EXTRACTED MATERIAL |
▶

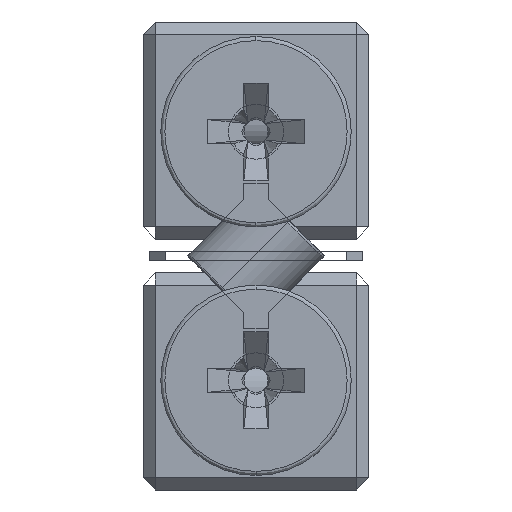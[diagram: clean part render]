
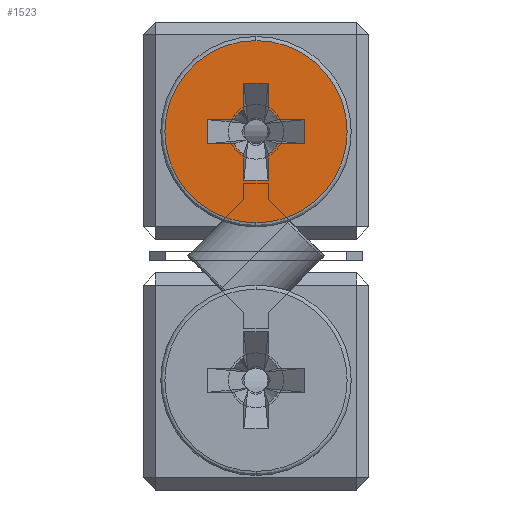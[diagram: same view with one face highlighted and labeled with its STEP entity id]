
A CAD part, left-side view. The second image highlights one B-rep face of the part: STEP entity #1523.
In plain terms, the highlighted planar face has unit normal (-1, 0, 0).
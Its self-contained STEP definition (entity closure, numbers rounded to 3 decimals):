
#839 = DIRECTION ( 'NONE',  ( 0., -1., 0. ) ) ;
#840 = CARTESIAN_POINT ( 'NONE',  ( -521.307, 70.585, 24.95 ) ) ;
#845 = CARTESIAN_POINT ( 'NONE',  ( -521.307, 75.085, 32.45 ) ) ;
#846 = DIRECTION ( 'NONE',  ( 0., 0., 1. ) ) ;
#847 = CARTESIAN_POINT ( 'NONE',  ( -521.307, 69.085, 30.95 ) ) ;
#848 = DIRECTION ( 'NONE',  ( -1., 0., 0. ) ) ;
#849 = DIRECTION ( 'NONE',  ( 0., 0., 1. ) ) ;
#850 = CARTESIAN_POINT ( 'NONE',  ( -521.307, 75.085, 32.45 ) ) ;
#851 = DIRECTION ( 'NONE',  ( 0., 0., -1. ) ) ;
#852 = CARTESIAN_POINT ( 'NONE',  ( -521.307, 63.085, 29.45 ) ) ;
#853 = DIRECTION ( 'NONE',  ( 0., 1., 0. ) ) ;
#854 = CARTESIAN_POINT ( 'NONE',  ( -521.307, 69.085, 30.95 ) ) ;
#855 = DIRECTION ( 'NONE',  ( -1., 0., 0. ) ) ;
#856 = DIRECTION ( 'NONE',  ( 0., 0., 1. ) ) ;
#857 = CARTESIAN_POINT ( 'NONE',  ( -521.307, 69.085, 30.95 ) ) ;
#858 = DIRECTION ( 'NONE',  ( -1., 0., 0. ) ) ;
#859 = DIRECTION ( 'NONE',  ( 0., 0., -1. ) ) ;
#864 = DIRECTION ( 'NONE',  ( 0., 0., -1. ) ) ;
#868 = CARTESIAN_POINT ( 'NONE',  ( -521.307, 70.585, 24.95 ) ) ;
#869 = CARTESIAN_POINT ( 'NONE',  ( -521.307, 67.585, 36.95 ) ) ;
#876 = DIRECTION ( 'NONE',  ( 0., -1., 0. ) ) ;
#886 = CARTESIAN_POINT ( 'NONE',  ( -521.307, 70.585, 24.95 ) ) ;
#887 = DIRECTION ( 'NONE',  ( 0., 0., 1. ) ) ;
#889 = CARTESIAN_POINT ( 'NONE',  ( -521.307, 67.585, 36.95 ) ) ;
#896 = DIRECTION ( 'NONE',  ( 0., 1., 0. ) ) ;
#904 = CARTESIAN_POINT ( 'NONE',  ( -521.307, 75.085, 32.45 ) ) ;
#905 = DIRECTION ( 'NONE',  ( 0., -1., 0. ) ) ;
#906 = CARTESIAN_POINT ( 'NONE',  ( -521.307, 67.585, 36.95 ) ) ;
#907 = DIRECTION ( 'NONE',  ( 0., 0., -1. ) ) ;
#914 = CARTESIAN_POINT ( 'NONE',  ( -521.307, 63.085, 29.45 ) ) ;
#916 = DIRECTION ( 'NONE',  ( 0., 0., 1. ) ) ;
#919 = CARTESIAN_POINT ( 'NONE',  ( -521.307, 63.085, 29.45 ) ) ;
#920 = DIRECTION ( 'NONE',  ( 0., 1., 0. ) ) ;
#941 = CARTESIAN_POINT ( 'NONE',  ( -521.307, 69.085, 30.95 ) ) ;
#942 = DIRECTION ( 'NONE',  ( -1., 0., 0. ) ) ;
#943 = DIRECTION ( 'NONE',  ( 0., 0., -1. ) ) ;
#958 = CARTESIAN_POINT ( 'NONE',  ( -521.307, 69.085, 30.95 ) ) ;
#959 = DIRECTION ( 'NONE',  ( -1., 0., 0. ) ) ;
#960 = DIRECTION ( 'NONE',  ( 0., 0., 1. ) ) ;
#979 = CARTESIAN_POINT ( 'NONE',  ( -521.307, 69.085, 30.95 ) ) ;
#980 = DIRECTION ( 'NONE',  ( -1., 0., 0. ) ) ;
#981 = DIRECTION ( 'NONE',  ( 0., 0., 1. ) ) ;
#1523 = ADVANCED_FACE ( 'NONE', ( #10070, #10073 ), #16661, .F. ) ;
#1634 = LINE ( 'NONE', #840, #1636 ) ;
#1636 = VECTOR ( 'NONE', #846, 1000. ) ;
#1637 = CIRCLE ( 'NONE', #19050, 3.138 ) ;
#1638 = LINE ( 'NONE', #845, #1640 ) ;
#1639 = LINE ( 'NONE', #850, #1642 ) ;
#1640 = VECTOR ( 'NONE', #839, 1000. ) ;
#1641 = LINE ( 'NONE', #852, #1644 ) ;
#1642 = VECTOR ( 'NONE', #851, 1000. ) ;
#1643 = CIRCLE ( 'NONE', #19051, 3.138 ) ;
#1644 = VECTOR ( 'NONE', #853, 1000. ) ;
#1645 = CIRCLE ( 'NONE', #19052, 11.3 ) ;
#1647 = LINE ( 'NONE', #869, #1651 ) ;
#1649 = LINE ( 'NONE', #868, #1655 ) ;
#1651 = VECTOR ( 'NONE', #864, 1000. ) ;
#1652 = LINE ( 'NONE', #886, #1659 ) ;
#1655 = VECTOR ( 'NONE', #876, 1000. ) ;
#1658 = LINE ( 'NONE', #889, #1660 ) ;
#1659 = VECTOR ( 'NONE', #887, 1000. ) ;
#1660 = VECTOR ( 'NONE', #896, 1000. ) ;
#1663 = LINE ( 'NONE', #914, #1669 ) ;
#1665 = LINE ( 'NONE', #904, #1668 ) ;
#1667 = LINE ( 'NONE', #906, #1670 ) ;
#1668 = VECTOR ( 'NONE', #905, 1000. ) ;
#1669 = VECTOR ( 'NONE', #916, 1000. ) ;
#1670 = VECTOR ( 'NONE', #907, 1000. ) ;
#1675 = LINE ( 'NONE', #919, #1678 ) ;
#1678 = VECTOR ( 'NONE', #920, 1000. ) ;
#1683 = CIRCLE ( 'NONE', #10632, 11.3 ) ;
#1686 = CIRCLE ( 'NONE', #10633, 3.138 ) ;
#1692 = CIRCLE ( 'NONE', #10634, 3.138 ) ;
#2307 = ORIENTED_EDGE ( 'NONE', *, *, #7106, .F. ) ;
#2312 = ORIENTED_EDGE ( 'NONE', *, *, #7057, .T. ) ;
#2313 = ORIENTED_EDGE ( 'NONE', *, *, #7066, .T. ) ;
#2316 = ORIENTED_EDGE ( 'NONE', *, *, #7091, .F. ) ;
#2317 = ORIENTED_EDGE ( 'NONE', *, *, #7064, .F. ) ;
#2341 = ORIENTED_EDGE ( 'NONE', *, *, #7087, .T. ) ;
#2361 = ORIENTED_EDGE ( 'NONE', *, *, #7139, .F. ) ;
#2364 = ORIENTED_EDGE ( 'NONE', *, *, #7100, .T. ) ;
#2370 = ORIENTED_EDGE ( 'NONE', *, *, #7053, .T. ) ;
#2375 = ORIENTED_EDGE ( 'NONE', *, *, #7128, .T. ) ;
#2377 = ORIENTED_EDGE ( 'NONE', *, *, #7061, .T. ) ;
#2386 = ORIENTED_EDGE ( 'NONE', *, *, #7079, .F. ) ;
#2391 = ORIENTED_EDGE ( 'NONE', *, *, #7149, .F. ) ;
#2396 = ORIENTED_EDGE ( 'NONE', *, *, #7074, .T. ) ;
#2397 = ORIENTED_EDGE ( 'NONE', *, *, #7113, .T. ) ;
#2406 = ORIENTED_EDGE ( 'NONE', *, *, #7059, .F. ) ;
#2436 = ORIENTED_EDGE ( 'NONE', *, *, #7102, .T. ) ;
#2448 = ORIENTED_EDGE ( 'NONE', *, *, #7055, .F. ) ;
#7053 = EDGE_CURVE ( 'NONE', #14700, #14698, #1634, .T. ) ;
#7055 = EDGE_CURVE ( 'NONE', #14700, #14776, #1637, .T. ) ;
#7057 = EDGE_CURVE ( 'NONE', #14636, #14776, #1638, .T. ) ;
#7059 = EDGE_CURVE ( 'NONE', #14636, #14774, #1639, .T. ) ;
#7061 = EDGE_CURVE ( 'NONE', #14781, #14774, #1641, .T. ) ;
#7064 = EDGE_CURVE ( 'NONE', #14781, #14653, #1643, .T. ) ;
#7066 = EDGE_CURVE ( 'NONE', #14743, #14696, #1645, .T. ) ;
#7074 = EDGE_CURVE ( 'NONE', #14757, #14619, #1647, .T. ) ;
#7079 = EDGE_CURVE ( 'NONE', #14633, #14619, #1649, .T. ) ;
#7087 = EDGE_CURVE ( 'NONE', #14633, #14653, #1652, .T. ) ;
#7091 = EDGE_CURVE ( 'NONE', #14707, #14698, #1658, .T. ) ;
#7100 = EDGE_CURVE ( 'NONE', #14761, #14651, #1665, .T. ) ;
#7102 = EDGE_CURVE ( 'NONE', #14707, #14690, #1667, .T. ) ;
#7106 = EDGE_CURVE ( 'NONE', #14694, #14651, #1663, .T. ) ;
#7113 = EDGE_CURVE ( 'NONE', #14694, #14758, #1675, .T. ) ;
#7128 = EDGE_CURVE ( 'NONE', #14696, #14743, #1683, .T. ) ;
#7139 = EDGE_CURVE ( 'NONE', #14761, #14690, #1686, .T. ) ;
#7149 = EDGE_CURVE ( 'NONE', #14757, #14758, #1692, .T. ) ;
#8929 = CARTESIAN_POINT ( 'NONE',  ( -521.307, 67.585, 24.95 ) ) ;
#8948 = CARTESIAN_POINT ( 'NONE',  ( -521.307, 70.585, 24.95 ) ) ;
#8952 = CARTESIAN_POINT ( 'NONE',  ( -521.307, 75.085, 32.45 ) ) ;
#8968 = CARTESIAN_POINT ( 'NONE',  ( -521.307, 63.085, 32.45 ) ) ;
#8970 = CARTESIAN_POINT ( 'NONE',  ( -521.307, 70.585, 28.194 ) ) ;
#9014 = CARTESIAN_POINT ( 'NONE',  ( -521.307, 67.585, 33.706 ) ) ;
#9020 = CARTESIAN_POINT ( 'NONE',  ( -521.307, 63.085, 29.45 ) ) ;
#9024 = CARTESIAN_POINT ( 'NONE',  ( -521.307, 69.085, 42.25 ) ) ;
#9027 = CARTESIAN_POINT ( 'NONE',  ( -521.307, 70.585, 36.95 ) ) ;
#9030 = CARTESIAN_POINT ( 'NONE',  ( -521.307, 70.585, 33.706 ) ) ;
#9039 = CARTESIAN_POINT ( 'NONE',  ( -521.307, 67.585, 36.95 ) ) ;
#9086 = CARTESIAN_POINT ( 'NONE',  ( -521.307, 69.085, 19.65 ) ) ;
#9101 = CARTESIAN_POINT ( 'NONE',  ( -521.307, 67.585, 28.194 ) ) ;
#9102 = CARTESIAN_POINT ( 'NONE',  ( -521.307, 66.329, 29.45 ) ) ;
#9105 = CARTESIAN_POINT ( 'NONE',  ( -521.307, 66.329, 32.45 ) ) ;
#9120 = CARTESIAN_POINT ( 'NONE',  ( -521.307, 75.085, 29.45 ) ) ;
#9122 = CARTESIAN_POINT ( 'NONE',  ( -521.307, 71.841, 32.45 ) ) ;
#9127 = CARTESIAN_POINT ( 'NONE',  ( -521.307, 71.841, 29.45 ) ) ;
#10070 = FACE_OUTER_BOUND ( 'NONE', #10270, .T. ) ;
#10073 = FACE_BOUND ( 'NONE', #10274, .T. ) ;
#10270 = EDGE_LOOP ( 'NONE', ( #2313, #2375 ) ) ;
#10274 = EDGE_LOOP ( 'NONE', ( #2391, #2396, #2386, #2341, #2317, #2377, #2406, #2312, #2448, #2370, #2316, #2436, #2361, #2364, #2307, #2397 ) ) ;
#10632 = AXIS2_PLACEMENT_3D ( 'NONE', #941, #942, #943 ) ;
#10633 = AXIS2_PLACEMENT_3D ( 'NONE', #958, #959, #960 ) ;
#10634 = AXIS2_PLACEMENT_3D ( 'NONE', #979, #980, #981 ) ;
#14619 = VERTEX_POINT ( 'NONE', #8929 ) ;
#14633 = VERTEX_POINT ( 'NONE', #8948 ) ;
#14636 = VERTEX_POINT ( 'NONE', #8952 ) ;
#14651 = VERTEX_POINT ( 'NONE', #8968 ) ;
#14653 = VERTEX_POINT ( 'NONE', #8970 ) ;
#14690 = VERTEX_POINT ( 'NONE', #9014 ) ;
#14694 = VERTEX_POINT ( 'NONE', #9020 ) ;
#14696 = VERTEX_POINT ( 'NONE', #9024 ) ;
#14698 = VERTEX_POINT ( 'NONE', #9027 ) ;
#14700 = VERTEX_POINT ( 'NONE', #9030 ) ;
#14707 = VERTEX_POINT ( 'NONE', #9039 ) ;
#14743 = VERTEX_POINT ( 'NONE', #9086 ) ;
#14757 = VERTEX_POINT ( 'NONE', #9101 ) ;
#14758 = VERTEX_POINT ( 'NONE', #9102 ) ;
#14761 = VERTEX_POINT ( 'NONE', #9105 ) ;
#14774 = VERTEX_POINT ( 'NONE', #9120 ) ;
#14776 = VERTEX_POINT ( 'NONE', #9122 ) ;
#14781 = VERTEX_POINT ( 'NONE', #9127 ) ;
#16190 = DIRECTION ( 'NONE',  ( 0., 0., -1. ) ) ;
#16654 = CARTESIAN_POINT ( 'NONE',  ( -521.307, 80.885, 30.95 ) ) ;
#16661 = PLANE ( 'NONE',  #18722 ) ;
#16667 = DIRECTION ( 'NONE',  ( 1., 0., 0. ) ) ;
#18722 = AXIS2_PLACEMENT_3D ( 'NONE', #16654, #16667, #16190 ) ;
#19050 = AXIS2_PLACEMENT_3D ( 'NONE', #847, #848, #849 ) ;
#19051 = AXIS2_PLACEMENT_3D ( 'NONE', #854, #855, #856 ) ;
#19052 = AXIS2_PLACEMENT_3D ( 'NONE', #857, #858, #859 ) ;

◀

EXERCISE DESCRIPTION |
Reproduce only the lines above, starting at the line with "#7113 = EDGE_CURVE" and ending at the line with "#9102 = CARTESIAN_POINT", exactly as written.

WRITTEN RESPONSE |
#7113 = EDGE_CURVE ( 'NONE', #14694, #14758, #1675, .T. ) ;
#7128 = EDGE_CURVE ( 'NONE', #14696, #14743, #1683, .T. ) ;
#7139 = EDGE_CURVE ( 'NONE', #14761, #14690, #1686, .T. ) ;
#7149 = EDGE_CURVE ( 'NONE', #14757, #14758, #1692, .T. ) ;
#8929 = CARTESIAN_POINT ( 'NONE',  ( -521.307, 67.585, 24.95 ) ) ;
#8948 = CARTESIAN_POINT ( 'NONE',  ( -521.307, 70.585, 24.95 ) ) ;
#8952 = CARTESIAN_POINT ( 'NONE',  ( -521.307, 75.085, 32.45 ) ) ;
#8968 = CARTESIAN_POINT ( 'NONE',  ( -521.307, 63.085, 32.45 ) ) ;
#8970 = CARTESIAN_POINT ( 'NONE',  ( -521.307, 70.585, 28.194 ) ) ;
#9014 = CARTESIAN_POINT ( 'NONE',  ( -521.307, 67.585, 33.706 ) ) ;
#9020 = CARTESIAN_POINT ( 'NONE',  ( -521.307, 63.085, 29.45 ) ) ;
#9024 = CARTESIAN_POINT ( 'NONE',  ( -521.307, 69.085, 42.25 ) ) ;
#9027 = CARTESIAN_POINT ( 'NONE',  ( -521.307, 70.585, 36.95 ) ) ;
#9030 = CARTESIAN_POINT ( 'NONE',  ( -521.307, 70.585, 33.706 ) ) ;
#9039 = CARTESIAN_POINT ( 'NONE',  ( -521.307, 67.585, 36.95 ) ) ;
#9086 = CARTESIAN_POINT ( 'NONE',  ( -521.307, 69.085, 19.65 ) ) ;
#9101 = CARTESIAN_POINT ( 'NONE',  ( -521.307, 67.585, 28.194 ) ) ;
#9102 = CARTESIAN_POINT ( 'NONE',  ( -521.307, 66.329, 29.45 ) ) ;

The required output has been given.